Children’s Sunday 07 Mark 10 13-16
Being a little kid is tough isn’t it. People don’t always take you seriously, people can overlook you in making decisions, sometimes when we’re little it doesn’t feel like we are as valuable as other people. That is especially true when we have older brothers or sisters. They seem to grab more attention because they’ve been around longer. Being little like you guys are seems like it lasts forever, but I have to tell you, you all are really becoming fine young men and women. I’m very proud of you, and so are your parents, your teachers, and the rest of the congregation.
We are excited about the people you are becoming, about the way you are growing in your faith and knowledge of God and Jesus. You are a large part of why we are here; we are dedicated in part to teaching you all about the God we know and love through Jesus. So when we see you around here, we are very happy to see you; we adults love to touch your heads and bless you, we love to hear about what you are learning about in Sunday School and Power Express.

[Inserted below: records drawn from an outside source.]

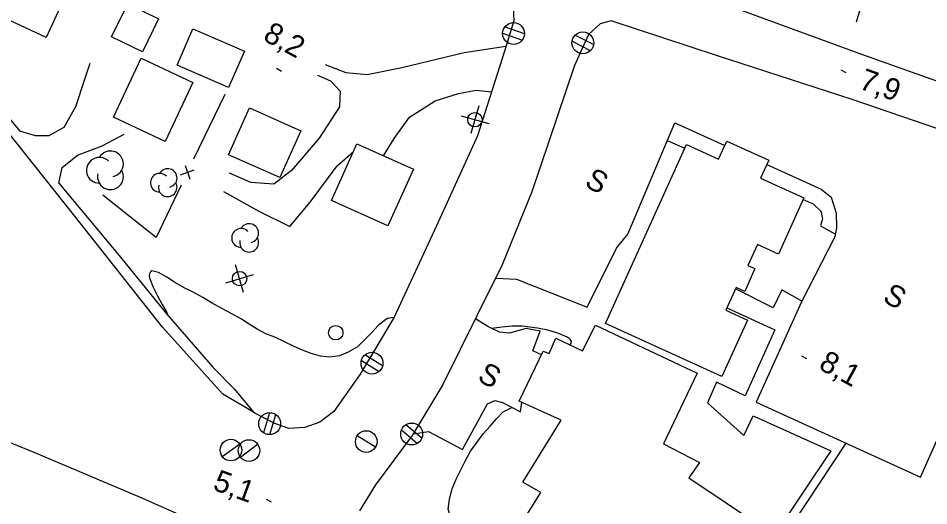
# Model space of a CAD drawing. Extents: x 219136 to 222520, y 5421589 to 5424530.
# Drawn here: x 221256.8 to 221383.2, y 5422936.2 to 5423003.9 of the extents above; entities that cross this region are included whole.
import ezdxf

# ---------------------------------------------------------------- set-up
doc = ezdxf.new("R2010")
doc.units = 0
for name, color, linetype in [('Level 19', 7, 'Continuous'), ('Level 2', 7, 'Continuous'), ('Level 21', 7, 'Continuous'), ('Level 22', 7, 'Continuous'), ('Level 3', 7, 'Continuous'), ('Level 31', 7, 'Continuous'), ('Level 36', 7, 'Continuous'), ('Level 37', 7, 'Continuous'), ('Level 44', 7, 'Continuous'), ('Level 52', 7, 'Continuous')]:
    doc.layers.add(name, color=color, linetype=linetype)

msp = doc.modelspace()

# ---------------------------------------------------------------- linework, layer by layer
at = {"layer": 'Level 19'}
for points in [[(221324.49, 5422999.99), (221324.48, 5422999.99), (221318.69, 5422999.11), (221310.03, 5422997.01), (221305.21, 5422996.02), (221302.29, 5422996.3), (221299.41, 5422997.41)], [(221256.95, 5422988.24), (221259.09, 5422987.61), (221261.04, 5422987.62), (221263.13, 5422988.79), (221264.77, 5422991.62), (221266.03, 5422995.57), (221266.72, 5422997.66)], [(221298.29, 5422995.97), (221300.13, 5422995.2), (221301.46, 5422993.78), (221301.36, 5422991.61), (221298.55, 5422987.24), (221294.7, 5422982.76), (221292.26, 5422980.83), (221289.07, 5422981.08), (221286.1, 5422982.36)], [(221307.48, 5422984.8), (221308.97, 5422987.2), (221311.06, 5422990.15), (221314.63, 5422992.43), (221317.9, 5422993.44), (221320.36, 5422993.91), (221322.47, 5422993.67)], [(221262.4, 5422980.97), (221262.87, 5422983.16), (221265, 5422984.87), (221268.41, 5422986.16), (221271.46, 5422987.8)], [(221285.26, 5422979.83), (221290.16, 5422977.11), (221294.45, 5422974.98), (221297.28, 5422978.34), (221301.05, 5422983.39), (221303.31, 5422985.4)]]:
    msp.add_lwpolyline(points, dxfattribs=at)
at = {"layer": 'Level 2'}
for points in [[(221286.39, 5422962.86), (221285.01, 5422963.57), (221283.7, 5422964.33), (221282.37, 5422965.11), (221281.05, 5422965.86), (221279.81, 5422966.46), (221278.59, 5422967.16), (221277.37, 5422967.96), (221276.22, 5422968.57), (221275.31, 5422968.82), (221275.11, 5422968.66), (221275, 5422968.41), (221274.95, 5422968.15), (221274.98, 5422967.85), (221275.47, 5422966.54), (221276.11, 5422965.35), (221276.76, 5422964.16), (221277.38, 5422963.02), (221277.44, 5422962.77)], [(221308.92, 5422962.33), (221308.04, 5422962.22), (221307.78, 5422962.08), (221306.72, 5422961.21), (221305.81, 5422960.23), (221304.84, 5422959.22), (221303.87, 5422958.25), (221302.55, 5422957.53), (221301.35, 5422957.03), (221300.04, 5422956.85), (221298.71, 5422956.96), (221297.44, 5422957.32), (221296.22, 5422957.8), (221295.06, 5422958.3), (221293.72, 5422958.94), (221292.37, 5422959.6), (221291.14, 5422960.09), (221289.95, 5422960.73), (221288.84, 5422961.39), (221287.74, 5422962.1), (221286.39, 5422962.86)], [(221333.4, 5422958.52), (221333.54, 5422958.77), (221333.56, 5422959.02), (221333.41, 5422959.26), (221333.21, 5422959.46), (221332.98, 5422959.6), (221331.66, 5422960.14), (221330.29, 5422960.56), (221328.84, 5422960.85), (221326.73, 5422961.13), (221325.27, 5422961.12), (221323.94, 5422961.01), (221322.49, 5422960.82)], [(221316.65, 5422935.13), (221316.52, 5422935.43), (221316.45, 5422935.73), (221316.62, 5422937.12), (221317.02, 5422938.56), (221317.54, 5422939.91), (221318.2, 5422941.19), (221318.8, 5422942.4), (221319.53, 5422943.77), (221320.46, 5422945.01), (221321.33, 5422946.2), (221322.28, 5422947.25), (221323.13, 5422948.21), (221324.1, 5422949.22), (221325.3, 5422949.85)]]:
    msp.add_lwpolyline(points, dxfattribs=at)
at = {"layer": 'Level 21'}
for points in [[(221377.94, 5423146.6), (221366.37, 5423111.05), (221353.65, 5423073.3), (221339.12, 5423028.71), (221335.37, 5423016.91), (221335.75, 5423014.84), (221336.46, 5423013.52), (221337.43, 5423012.59), (221340.21, 5423011.28), (221373.85, 5422998.89), (221397.41, 5422990.55)], [(221240.97, 5423054.43), (221281.87, 5423032.45), (221309.38, 5423017.21), (221320.67, 5423011.12), (221323.15, 5423009.45), (221324.76, 5423007.51), (221325.49, 5423005.58), (221325.56, 5423003.53), (221324.33, 5422999.48), (221320.51, 5422987.57), (221314.85, 5422975.06), (221308.95, 5422962.38), (221304.21, 5422954.45), (221300.57, 5422949.28), (221298.65, 5422947.78), (221296.53, 5422947.04), (221294.31, 5422946.91), (221292.39, 5422947.63), (221289.61, 5422949.05), (221289.4, 5422949.17), (221285.15, 5422951.71), (221276.79, 5422960.98), (221264.62, 5422976.42), (221246.86, 5422998.7)], [(221241.25, 5423008.65), (221247.89, 5422999.49), (221254.12, 5422991.7), (221256.95, 5422988.24)], [(221476.62, 5422949.49), (221470.24, 5422952.48), (221444.38, 5422964.74), (221430, 5422971.51), (221420.95, 5422975.49), (221411.75, 5422979.37), (221394.87, 5422984.97), (221372.55, 5422992.6), (221353.72, 5422998.72), (221339.08, 5423003.54), (221337.56, 5423003.12), (221335.92, 5423001.63), (221333.97, 5422997.31), (221328.07, 5422979.8), (221323.97, 5422969.65), (221320.45, 5422962.57), (221315.68, 5422952.95), (221311.47, 5422945.93), (221306.35, 5422939.09), (221304.13, 5422935.5)], [(221262.4, 5422980.97), (221270.52, 5422971.23), (221277.39, 5422962.82), (221283.78, 5422955.42), (221286.78, 5422952.4), (221289.4, 5422949.17)], [(221197.19, 5422971.44), (221214.72, 5422962.94), (221238.02, 5422952.15), (221258.9, 5422943.63), (221273.7, 5422937.39), (221282.56, 5422933.43), (221287.39, 5422930.65), (221290.07, 5422929.29)]]:
    msp.add_lwpolyline(points, dxfattribs=at)
at = {"layer": 'Level 22'}
for points in [[(221346.87, 5422986.91), (221349.31, 5422985.85)], [(221365.74, 5422978.71), (221367.14, 5422978.1), (221368.2, 5422977.09), (221368.43, 5422976.05), (221368.16, 5422975.06), (221370.23, 5422973.93)], [(221365.57, 5422964.61), (221362.77, 5422966.16), (221361.59, 5422963.67), (221356.36, 5422966.34)], [(221355.15, 5422963.68), (221361.81, 5422960.61), (221357.7, 5422951.48), (221353.7, 5422953.36), (221352.48, 5422950.5), (221357.52, 5422945.94), (221358.78, 5422948.69), (221369.57, 5422943.8), (221357.78, 5422926.18), (221347.72, 5422911.07), (221342.06, 5422903.08)], [(221343.23, 5422902.24), (221351.73, 5422914.96), (221362.51, 5422930.95), (221371.7, 5422944.87)]]:
    msp.add_lwpolyline(points, dxfattribs=at)
at = {"layer": 'Level 3'}
for p, q in [((221292.62, 5422996.94), (221293.32, 5422996.55)), ((221370.97, 5422996.74), (221371.68, 5422996.35)), ((221365.49, 5422957.01), (221366.2, 5422956.63)), ((221291.19, 5422937.13), (221291.89, 5422936.74))]:
    msp.add_line(p, q, dxfattribs=at)
at = {"layer": 'Level 31'}
for points in [[(221255.78, 5423013.14), (221264.31, 5423009.17), (221260.62, 5423001.23), (221252.09, 5423005.2)], [(221274.01, 5422999.23), (221269.72, 5423001.33), (221271.95, 5423005.89), (221276.24, 5423003.8)], [(221281.01, 5423002.42), (221288.15, 5422999.33), (221285.97, 5422994.29), (221278.83, 5422997.38)], [(221273.8, 5422998.33), (221280.99, 5422994.97), (221277.17, 5422986.8), (221269.98, 5422990.16)], [(221293.07, 5422981.77), (221285.97, 5422984.94), (221288.87, 5422991.43), (221295.97, 5422988.26)], [(221338.28, 5422961.5), (221349.53, 5422986.34), (221354, 5422984.31), (221355.14, 5422986.83), (221360.96, 5422984.19), (221359.83, 5422981.69), (221365.85, 5422978.96), (221362.31, 5422971.15), (221359.4, 5422972.47), (221358.08, 5422969.56), (221359.05, 5422969.12), (221357.62, 5422965.97), (221356.43, 5422966.5), (221355, 5422963.35), (221358.02, 5422961.98), (221354.47, 5422954.16)], [(221303.79, 5422986.47), (221311.63, 5422982.94), (221308.09, 5422975.07), (221300.25, 5422978.59)], [(221360.24, 5422933.13), (221353.2, 5422922.26), (221350.95, 5422923.93), (221348.55, 5422920.67), (221338.7, 5422926.69), (221338.23, 5422925.26), (221335.26, 5422926.46), (221335.77, 5422928.46), (221327.12, 5422934.55), (221329.32, 5422938.02), (221326.82, 5422939.47), (221332.15, 5422948.09), (221326.32, 5422950.71), (221329.65, 5422957.64), (221330.46, 5422957.36), (221331.4, 5422959.45), (221335.09, 5422957.73), (221336.92, 5422961.27), (221351.02, 5422954.62), (221346.36, 5422944.8), (221351.35, 5422942.22), (221349.88, 5422940.06)]]:
    msp.add_lwpolyline(points, close=True, dxfattribs=at)
at = {"layer": 'Level 36'}
for p, q in [((221374.22, 5423007.18), (221373.12, 5423003.35)), ((221327.03, 5423001.74), (221324.29, 5423002.69)), ((221324.01, 5423001.82), (221326.75, 5423000.87)), ((221333.66, 5423000.69), (221336.25, 5422999.39)), ((221336.64, 5423000.23), (221334.05, 5423001.53)), ((221320.71, 5422991.72), (221319.61, 5422987.89)), ((221318.25, 5422990.36), (221322.08, 5422989.26)), ((221288.05, 5422965.82), (221286.92, 5422969.65)), ((221285.57, 5422967.17), (221289.4, 5422968.3)), ((221304.41, 5422956.36), (221306.88, 5422954.84)), ((221307.35, 5422955.64), (221304.88, 5422957.16)), ((221291.65, 5422949.12), (221290.82, 5422946.34)), ((221291.71, 5422946.1), (221292.54, 5422948.88)), ((221309.98, 5422946.72), (221312.21, 5422944.86)), ((221312.78, 5422945.58), (221310.55, 5422947.44)), ((221306.36, 5422944.31), (221303.82, 5422945.91)), ((221285.06, 5422943.05), (221287.5, 5422944.79)), ((221287.6, 5422942.94), (221289.98, 5422944.76))]:
    msp.add_line(p, q, dxfattribs=at)
for centre, radius in [((221325.53, 5423001.77), 1.52), ((221335.15, 5423000.47), 1.52), ((221320.16, 5422989.8), 1), ((221287.49, 5422967.74), 1), ((221300.84, 5422960.22), 1), ((221305.88, 5422955.99), 1.52), ((221291.67, 5422947.6), 1.52), ((221311.38, 5422946.16), 1.52), ((221305.08, 5422945.11), 1.5), ((221286.29, 5422943.93), 1.5), ((221288.8, 5422943.86), 1.5)]:
    msp.add_circle(centre, radius, dxfattribs=at)
at = {"layer": 'Level 37'}
for p, q in [((221279.91, 5422983.45), (221280.57, 5422981.56)), ((221279.3, 5422982.17), (221281.19, 5422982.84))]:
    msp.add_line(p, q, dxfattribs=at)
for points in [[(221285.44, 5422993.32), (221281.11, 5422984.31)], [(221279.38, 5422980.7), (221275.89, 5422973.45), (221274.36, 5422974.67)], [(221274.36, 5422974.67), (221268.52, 5422979.34)]]:
    msp.add_lwpolyline(points, dxfattribs=at)
at = {"layer": 'Level 44'}
for centre, radius, start, end in [((221269.56, 5422983.67), 1.79, 282.2692, 149.7262), ((221268.02, 5422982.78), 1.79, 44.1153, 269.8039), ((221277.51, 5422981.71), 1.29, 282.2692, 149.7262), ((221269.56, 5422981.88), 1.79, 166.9368, 29.6212), ((221276.4, 5422981.06), 1.29, 44.1153, 269.8039), ((221277.51, 5422980.42), 1.29, 166.9368, 29.6212), ((221288.82, 5422974.05), 1.31, 282.2692, 149.7262), ((221287.7, 5422973.39), 1.31, 44.1153, 269.8039), ((221288.82, 5422972.74), 1.31, 166.9368, 29.6212)]:
    msp.add_arc(centre, radius, start, end, dxfattribs=at)
at = {"layer": 'Level 52'}
for points in [[(221323.05, 5422967.79), (221325.95, 5422967.68), (221335.77, 5422963.75), (221339.81, 5422971.97), (221341.39, 5422973.92), (221347.9, 5422989.35), (221354.86, 5422986.2)], [(221360.68, 5422983.57), (221368.25, 5422980.15), (221369.62, 5422979.06), (221370.33, 5422976.81), (221370.38, 5422974.81), (221370.16, 5422973.54), (221365.51, 5422964.5), (221359.22, 5422950.57), (221382.02, 5422940.15), (221390.86, 5422960.03), (221389.1, 5422960.89), (221388.67, 5422961.72), (221389, 5422962.97), (221398.22, 5422983.86)], [(221329.42, 5422957.16), (221328.2, 5422957.7), (221329.22, 5422960.42), (221327.3, 5422960.8), (221324.98, 5422960.17), (221323.57, 5422960.32), (221321.94, 5422961.07), (221320.25, 5422962.17)], [(221311.62, 5422946.18), (221313.73, 5422946.5), (221318.44, 5422944.01), (221321.93, 5422950.37), (221322.92, 5422950.81), (221323.98, 5422950.54), (221326.49, 5422949.23), (221326.69, 5422950.55)]]:
    msp.add_lwpolyline(points, dxfattribs=at)

# ---------------------------------------------------------------- texts
at = {"layer": 'Level 3'}
for s, rotation, p in [('8,2', 331.383, (221290.59, 5423000.92)), ('7,9', 340.3517, (221373.35, 5422994.17)), ('8,1', 331.383, (221367.74, 5422955.28)), ('5,1', 339.9359, (221283.63, 5422938.47))]:
    msp.add_text(s, height=3, rotation=rotation, dxfattribs=at).set_placement(p)
at = {"layer": 'Level 52'}
for p in [(221335.24, 5422980.65), (221376.63, 5422964.64), (221320.36, 5422953.65)]:
    msp.add_text('S', height=3, rotation=331.383, dxfattribs=at).set_placement(p)

doc.saveas('drawing.dxf')

There is someone else that loves watching you all learn and grow. What’s His name? That’s right, Jesus is watching how you all learn and grow; He’s got His loving eye on you. Let me read you a little section of Mark that seems to be just right for you all. This is Mark 10 starting in verse 13.
People were bringing
little children to Jesus to have him touch them, but the disciples rebuked
them. When Jesus saw this, he was indignant. He said to them, “Let the little
children come to me, and do not hinder them, for the kingdom of God belongs to
such as these. I tell you the truth, anyone who will not receive the kingdom of
God like a little child will never enter it.”
And he too the
children in his arms, put his hands on them and blessed them.
Let’s pray.
Jesus valued little children. In that time in human history children weren’t always treated very well. Of all people, the Jews treated their children pretty well. The Jews knew what we know, that every child is created in God’s image. And because of that, every child is valuable. But not everyone felt the same way. Many people didn’t have time for children, didn’t want children irritating them, didn’t want children running around underfoot. This is why the disciples were trying to keep little children away from Jesus; He was supposed to be doing important teaching, Jesus was supposed to be doing important healing. But people kept bringing their children up to Jesus for Him to bless them, a lot like we do here with our hands on your heads.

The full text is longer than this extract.